• Problem to solve
If a line in the entries contains the word "path", list it.

#### The input ####

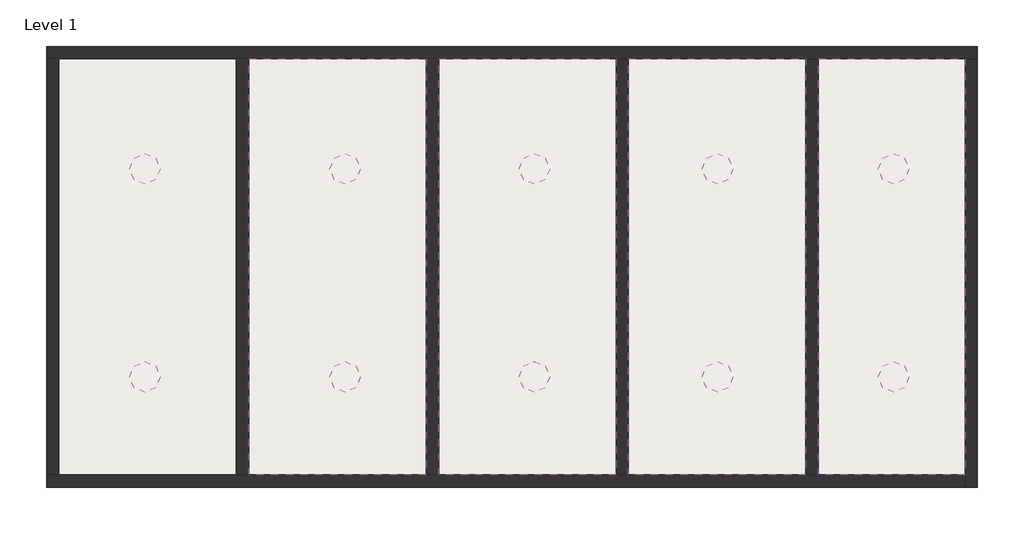
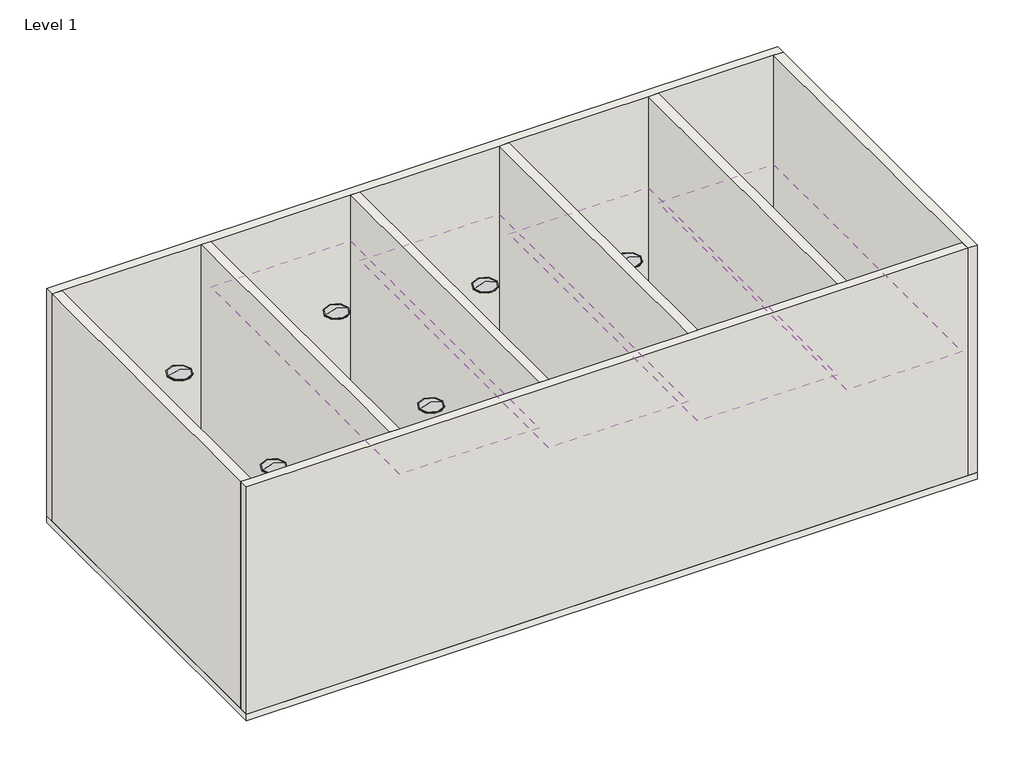
# One storey: 10 light fixtures, 8 walls, 4 coverings, 1 slab.
"""IFC4 building model written with IfcOpenShell, lengths in millimetres."""

import ifcopenshell
import ifcopenshell.guid

model = None  # the IFC model being written
_history = None  # IfcOwnerHistory: only IFC2X3 demands one
_inside = {}  # id of a spatial element -> (the spatial element, [elements in it])
_under = {}  # id of a project, library or spatial element -> (it, [spatial elements below it])
_declared = {}  # id of a project -> (the project, [libraries it declares])
_typed = {}  # id of a type object -> (the type object, [elements of that type])
_made_of = {}  # id of a material, layer set ... -> (it, [elements and type objects made of it])


def new_model(schema):
    """Start an empty IFC model of exactly this schema.

    Asked for "IFC4X3", IfcOpenShell would pick the latest addendum, in which some entities
    have other attributes; the version numbers below select the first issue.
    IFC2X3 requires an IfcOwnerHistory on every rooted entity: one is made here for all.
    """
    global model, _history
    if schema == "IFC4X3":
        model = ifcopenshell.file(schema_version=(4, 3, 0, 0))
    else:
        model = ifcopenshell.file(schema=schema)
    _inside.clear()
    _under.clear()
    _declared.clear()
    _typed.clear()
    _made_of.clear()
    _history = None
    if model.schema == "IFC2X3":
        org = make("IfcOrganization", Name="unknown")
        user = make(
            "IfcPersonAndOrganization",
            ThePerson=make("IfcPerson", FamilyName="unknown"),
            TheOrganization=org,
        )
        app = make(
            "IfcApplication",
            ApplicationDeveloper=org,
            Version="unknown",
            ApplicationFullName="unknown",
            ApplicationIdentifier="unknown",
        )
        _history = make(
            "IfcOwnerHistory",
            OwningUser=user,
            OwningApplication=app,
            ChangeAction="ADDED",
            CreationDate=0,
        )
    return model


def make(cls, **values):
    """One entity of the class cls with the attributes given. An attribute that is None is left unset."""
    return model.create_entity(
        cls, **{name: value for name, value in values.items() if value is not None}
    )


def rooted(cls, **values):
    """An entity with a GlobalId (a new one), such as an element, a storey or a relation."""
    return make(cls, GlobalId=ifcopenshell.guid.new(), OwnerHistory=_history, **values)


def si_unit(unit_type, name, prefix=None):
    """IfcSIUnit, for example si_unit("LENGTHUNIT", "METRE", prefix="MILLI")."""
    return make("IfcSIUnit", UnitType=unit_type, Prefix=prefix, Name=name)


def assignment(units):
    """IfcUnitAssignment: the units of a project."""
    return None if units is None else make("IfcUnitAssignment", Units=units)


def point(xyz):
    """IfcCartesianPoint."""
    return None if xyz is None else make("IfcCartesianPoint", Coordinates=xyz)


def direction(xyz):
    """IfcDirection."""
    return None if xyz is None else make("IfcDirection", DirectionRatios=xyz)


def frame(location, z_axis=None, x_axis=None):
    """IfcAxis2Placement3D, a coordinate frame: its origin and axes. An axis left out is left unset."""
    return make(
        "IfcAxis2Placement3D",
        Location=point(location),
        Axis=direction(z_axis),
        RefDirection=direction(x_axis),
    )


def frame_2d(location, x_axis=None):
    """IfcAxis2Placement2D, a coordinate frame in the plane: its origin and x axis."""
    return make(
        "IfcAxis2Placement2D", Location=point(location), RefDirection=direction(x_axis)
    )


def origin():
    """The frame at (0, 0, 0) with its axes left unset."""
    return frame((0.0, 0.0, 0.0))


def origin_with_axes():
    """The frame at (0, 0, 0) with the z axis (0, 0, 1) and the x axis (1, 0, 0) written out."""
    return frame((0.0, 0.0, 0.0), z_axis=(0.0, 0.0, 1.0), x_axis=(1.0, 0.0, 0.0))


def origin_2d():
    """The frame at (0, 0) in the plane with its x axis left unset."""
    return frame_2d((0.0, 0.0))


def place(relative_to, where):
    """IfcLocalPlacement: puts the frame where relative to a parent placement (None: the world)."""
    return make(
        "IfcLocalPlacement", PlacementRelTo=relative_to, RelativePlacement=where
    )


def context(
    kind, dimensions, precision=None, world=None, true_north=None, identifier=None
):
    """IfcGeometricRepresentationContext, for example the 3D "Model" context."""
    return make(
        "IfcGeometricRepresentationContext",
        ContextIdentifier=identifier,
        ContextType=kind,
        CoordinateSpaceDimension=dimensions,
        Precision=precision,
        WorldCoordinateSystem=world,
        TrueNorth=true_north,
    )


def project(units=None, contexts=None):
    """IfcProject with its units and contexts."""
    return rooted(
        "IfcProject",
        Name="project",
        RepresentationContexts=contexts,
        UnitsInContext=assignment(units),
    )


def spatial(cls, under=None, at=None, **own):
    """A site, building, storey or space (cls), placed at a placement, below another one or the project."""
    s = rooted(cls, ObjectPlacement=at, **own)
    if under is not None:
        _under.setdefault(under.id(), (under, []))[1].append(s)
    return s


def polyline(points):
    """IfcPolyline through the points."""
    return make("IfcPolyline", Points=[point(p) for p in points])


def circle_curve(where, radius):
    """IfcCircle in the frame where."""
    return make("IfcCircle", Position=where, Radius=radius)


def ellipse_curve(where, semi_axis1, semi_axis2):
    """IfcEllipse in the frame where."""
    return make(
        "IfcEllipse", Position=where, SemiAxis1=semi_axis1, SemiAxis2=semi_axis2
    )


def trimmed(basis, trim1, trim2, sense, master):
    """IfcTrimmedCurve: the piece of a basis curve between two trims."""
    return make(
        "IfcTrimmedCurve",
        BasisCurve=basis,
        Trim1=trim1,
        Trim2=trim2,
        SenseAgreement=sense,
        MasterRepresentation=master,
    )


def segment(curve, same_sense, transition):
    """IfcCompositeCurveSegment."""
    return make(
        "IfcCompositeCurveSegment",
        Transition=transition,
        SameSense=same_sense,
        ParentCurve=curve,
    )


def composite_curve(segments, self_intersect=None):
    """IfcCompositeCurve: segments joined end to end."""
    return make("IfcCompositeCurve", Segments=segments, SelfIntersect=self_intersect)


def outline(outer, holes=None, kind="AREA"):
    """IfcArbitraryClosedProfileDef: a profile drawn as a closed curve; with holes, ...WithVoids."""
    if holes is None:
        return make("IfcArbitraryClosedProfileDef", ProfileType=kind, OuterCurve=outer)
    return make(
        "IfcArbitraryProfileDefWithVoids",
        ProfileType=kind,
        OuterCurve=outer,
        InnerCurves=holes,
    )


def extrude(swept, where, along, depth):
    """IfcExtrudedAreaSolid: the profile swept, set in the frame where, extruded along a direction by depth."""
    return make(
        "IfcExtrudedAreaSolid",
        SweptArea=swept,
        Position=where,
        ExtrudedDirection=direction(along),
        Depth=depth,
    )


def faces_of(points, faces, orient=None, outer=None):
    """IfcFace entities. A face is a list of loops; a loop is a list of indices into points, from 0.

    orient and outer hold one flag for each loop. By default every Orientation is true, the
    first loop of a face is its IfcFaceOuterBound and the others are IfcFaceBound.
    """
    made = []
    for i, loops in enumerate(faces):
        bounds = []
        for j, loop in enumerate(loops):
            is_outer = j == 0 if outer is None else outer[i][j]
            bounds.append(
                make(
                    "IfcFaceOuterBound" if is_outer else "IfcFaceBound",
                    Bound=make("IfcPolyLoop", Polygon=[points[k] for k in loop]),
                    Orientation=True if orient is None else orient[i][j],
                )
            )
        made.append(make("IfcFace", Bounds=bounds))
    return made


def faceted_brep(points, faces, orient=None, outer=None, voids=None):
    """IfcFacetedBrep: a solid bounded by flat faces; with voids (closed shells), ...WithVoids."""
    shared = [point(p) for p in points]
    hull = make("IfcClosedShell", CfsFaces=faces_of(shared, faces, orient, outer))
    if voids is None:
        return make("IfcFacetedBrep", Outer=hull)
    return make(
        "IfcFacetedBrepWithVoids",
        Outer=hull,
        Voids=[
            make(cls, CfsFaces=faces_of(shared, fs, o, b)) for cls, fs, o, b in voids
        ],
    )


def shape(context_of_items, identifier, shape_type, items):
    """IfcShapeRepresentation: the items that make up one representation, for example the "Body"."""
    return make(
        "IfcShapeRepresentation",
        ContextOfItems=context_of_items,
        RepresentationIdentifier=identifier,
        RepresentationType=shape_type,
        Items=items,
    )


def source(mapping_origin, context_of_items, identifier, shape_type, items):
    """IfcRepresentationMap: a shape defined once, which mapped items show again and again."""
    return make(
        "IfcRepresentationMap",
        MappingOrigin=mapping_origin,
        MappedRepresentation=shape(context_of_items, identifier, shape_type, items),
    )


def transform(
    local_origin,
    x_axis=None,
    y_axis=None,
    z_axis=None,
    scale=None,
    scale2=None,
    scale3=None,
    uniform=True,
):
    """IfcCartesianTransformationOperator3D, or its non-uniform kind. x_axis, y_axis, z_axis: its Axis1, 2, 3."""
    if uniform:
        return make(
            "IfcCartesianTransformationOperator3D",
            Axis1=direction(x_axis),
            Axis2=direction(y_axis),
            LocalOrigin=point(local_origin),
            Scale=scale,
            Axis3=direction(z_axis),
        )
    return make(
        "IfcCartesianTransformationOperator3DnonUniform",
        Axis1=direction(x_axis),
        Axis2=direction(y_axis),
        LocalOrigin=point(local_origin),
        Scale=scale,
        Axis3=direction(z_axis),
        Scale2=scale2,
        Scale3=scale3,
    )


def mapped(mapping_source, mapping_target):
    """IfcMappedItem: shows the shape of a source again, moved by a transform."""
    return make(
        "IfcMappedItem", MappingSource=mapping_source, MappingTarget=mapping_target
    )


def made_of(thing, what):
    """Note that an element or type object is made of a material, layer set ...; save() writes the relation."""
    if what is not None:
        _made_of.setdefault(what.id(), (what, []))[1].append(thing)
    return thing


def element(
    cls,
    number,
    at=None,
    inside=None,
    cuts=None,
    type_object=None,
    material=None,
    context=None,
    identifier="Body",
    shape_type=None,
    held_by="IfcProductDefinitionShape",
    body=None,
    shapes=None,
    **own,
):
    """One element of the class cls, such as IfcWall. Its Tag is "e" and its number.

    at: its placement. inside: the storey or other place that contains it. cuts: it is an
    opening in that element (IfcRelVoidsElement). A single representation is given by context,
    identifier, shape_type and body (its items); several are given by shapes. held_by: the class
    of the entity that holds the representations. save() writes the other relations.
    """
    e = rooted(cls, Tag="e%d" % number, ObjectPlacement=at, **own)
    if body is not None:
        shapes = [shape(context, identifier, shape_type, body)]
    if shapes is not None:
        e.Representation = make(held_by, Representations=shapes)
    if inside is not None:
        _inside.setdefault(inside.id(), (inside, []))[1].append(e)
    if cuts is not None:
        rooted(
            "IfcRelVoidsElement", RelatingBuildingElement=cuts, RelatedOpeningElement=e
        )
    if type_object is not None:
        _typed.setdefault(type_object.id(), (type_object, []))[1].append(e)
    return made_of(e, material)


def aggregate(whole, parts):
    """IfcRelAggregates: a whole, such as a stair, and the parts it consists of."""
    return rooted("IfcRelAggregates", RelatingObject=whole, RelatedObjects=parts)


def save(model, path):
    """Write the relations noted so far, then the file.

    IfcRelAggregates (storeys below a building ...), IfcRelContainedInSpatialStructure (elements
    in a storey), IfcRelDefinesByType, IfcRelAssociatesMaterial and IfcRelDeclares: one each for
    every whole, place, type object, material and project.
    """
    for whole, parts in _under.values():
        aggregate(whole, parts)
    for where, things in _inside.values():
        rooted(
            "IfcRelContainedInSpatialStructure",
            RelatedElements=things,
            RelatingStructure=where,
        )
    for kind, things in _typed.values():
        rooted("IfcRelDefinesByType", RelatedObjects=things, RelatingType=kind)
    for what, things in _made_of.values():
        rooted("IfcRelAssociatesMaterial", RelatedObjects=things, RelatingMaterial=what)
    for by, libraries in _declared.values():
        rooted("IfcRelDeclares", RelatingContext=by, RelatedDefinitions=libraries)
    model.write(path)


def plane_surface(at):
    """IfcPlane: the flat surface through the origin of the frame at, square to its z axis."""
    return make("IfcPlane", Position=at)


def revolved_surface(curve, axis_point, axis_direction):
    """IfcSurfaceOfRevolution: the curve turned about the line through axis_point along axis_direction."""
    return make(
        "IfcSurfaceOfRevolution",
        SweptCurve=make("IfcArbitraryOpenProfileDef", ProfileType="CURVE", Curve=curve),
        AxisPosition=make("IfcAxis1Placement", Location=point(axis_point), Axis=direction(axis_direction)),
    )


def advanced_brep(points, edges, surfaces, faces):
    """IfcAdvancedBrep: a solid bounded by faces that lie on surfaces and meet in shared edges.

    An edge is (start, end): straight between two places in points (the first is 0);
    or (start, end, curve); or (start, end, curve, False) where it runs against its curve.
    A face is (place in surfaces, loops), or (place, loops, False) where it looks against
    its surface's normal. A loop lists edges by number (the first is 1), with a minus sign
    where the edge is run from its end to its start. The first loop is the outer one.
    """
    corners = [point(p) for p in points]
    vertices = [make("IfcVertexPoint", VertexGeometry=c) for c in corners]
    made = []
    for start, end, *more in edges:
        made.append(
            make(
                "IfcEdgeCurve",
                EdgeStart=vertices[start],
                EdgeEnd=vertices[end],
                EdgeGeometry=more[0] if more else make("IfcPolyline", Points=[corners[start], corners[end]]),
                SameSense=more[1] if len(more) > 1 else True,
            )
        )
    hull = []
    for where, loops, *sense in faces:
        bounds = []
        for j, loop in enumerate(loops):
            ring = [make("IfcOrientedEdge", EdgeElement=made[abs(k) - 1], Orientation=k > 0) for k in loop]
            bounds.append(
                make(
                    "IfcFaceOuterBound" if j == 0 else "IfcFaceBound",
                    Bound=make("IfcEdgeLoop", EdgeList=ring),
                    Orientation=True,
                )
            )
        hull.append(make("IfcAdvancedFace", Bounds=bounds, FaceSurface=surfaces[where], SameSense=sense[0] if sense else True))
    return make("IfcAdvancedBrep", Outer=make("IfcClosedShell", CfsFaces=hull))


def downlight_downlight_e6a68a7d(model_context):
    return source(origin(), model_context, "Body", "SolidModel", [
        advanced_brep(
        [(-230.0, 0.0, 0.0), (230.0, 0.0, 0.0), (0.0, 0.0, 0.0), (0.0, 0.0, 70.3180567)],
        [
            (0, 1, circle_curve(frame((0.0, 0.0, 0.0), z_axis=(0.0, 0.0, -1.0), x_axis=(1.0, 0.0, 0.0)), 230.0)),
            (1, 2),
            (2, 0),
            (1, 0, circle_curve(frame((0.0, 0.0, 0.0), z_axis=(0.0, 0.0, -1.0), x_axis=(1.0, 0.0, 0.0)), 230.0)),
            (3, 1, circle_curve(frame((13.1969865, 0.0, -297.8236248), z_axis=(0.0, 1.0, 0.0), x_axis=(1.0, 0.0, 0.0)), 368.3781456)),
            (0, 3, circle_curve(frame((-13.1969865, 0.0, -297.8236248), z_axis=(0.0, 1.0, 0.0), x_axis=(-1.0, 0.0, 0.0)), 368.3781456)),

####

• Task output
def save(model, path):
    model.write(path)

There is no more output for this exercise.